When the “Create a workspace” blade displays, enter the Name “wsPipelineTest” and then click the “Apply” button:

Build a Child Pipeline

When the workspace opens,

  1. Click the “+ New” dropdown”
  2. Click “Data pipeline”:

Name the new pipeline “child-1” and then click the “Create” button:

When the pipeline displays,

  1. Click “Start with a blank canvas”
  2. (Optionally) search for “wait”
  3. Select a Wait activity from the activity list”:

Accept the default settings for the Wait activity and save the new pipeline:

Build a Parent Pipeline

On the left menu,

  1. Click on wsPiplineTest
  2. Click the “+ New” dropdown and then click “Data pipeline” (not shown in the image below, but identical to the procedure for creating a new child data pipeline above)
  3. Name the new pipeline “invoke-child-pipeline”
  4. Click the “Create” button:

As when building the child pipeline, when the pipeline displays,

  1. Click “Start with a blank canvas”
  2. (Optionally) search for “invoke”
  3. Select an Invoke Pipeline (Preview) activity from the activity list”:

When the “invoke-child-pipeline” displays, select the “Invoke Pipeline (Preview)” activity and then edit the Name property to read “Invoke child pipeline”:

  1. Click the “Settings” tab
  2. Click the “Connections” dropdown
  3. Click “More” from the Connections dropdown list:

When the “Get data” dialog displays, click “Fabric Data Pipelines”:

When the “Connection credentials” dialog displays,

  1. Click the “Connection” dropdown
  2. Click “Create new connection”
  3. Click the “Connect” button:

  1. Edit the “Connection name” property
  2. Select the “Authentication kind” property (the default option “Organizational account” is selected below)
  3. Click the “Sign in” button:

After signing in (not shown), the new Connection is configured.

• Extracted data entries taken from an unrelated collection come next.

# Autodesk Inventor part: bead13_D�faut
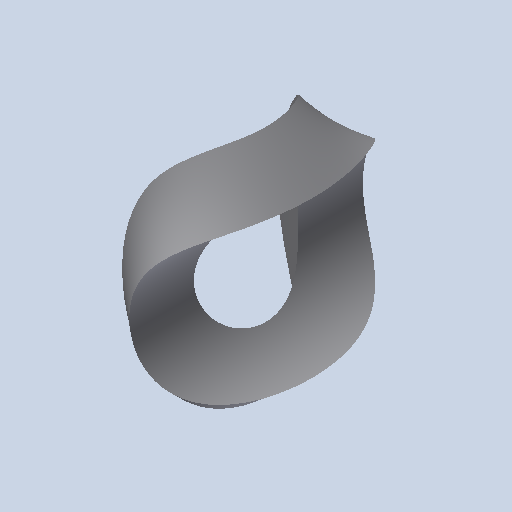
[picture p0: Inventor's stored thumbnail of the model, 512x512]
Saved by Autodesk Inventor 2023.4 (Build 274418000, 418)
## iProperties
Created: 2011-01
Part Number: bead13_D�faut
Document SubType Name: Modeling
Designer: eric
Density: 1 g/cm^3
Mass: 0.113114 g
Surface Area: 2.8981 cm^2
Volume: 0.113114 cm^3
Material: Générique
Appearance: Par défaut
Author: eric
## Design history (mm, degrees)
feature "Base1"
node "Corps solides"
node "Corps surfaciques"
node "Solide1"

Click the “Connect” button to proceed:

The pipeline is displayed once more.

  1. The new Connection is displayed in the “Connection” property
  2. The Workspace name is configure for the “Workspace” property
  3. Click the “Pipeline” dropdown
  4. Select the “child-1” pipeline:

Test

  1. Click the “Save” button
  2. Click the “Run” button:

If all goes as planned, the “invoke-child-pipeline” pipeline executes and succeeds.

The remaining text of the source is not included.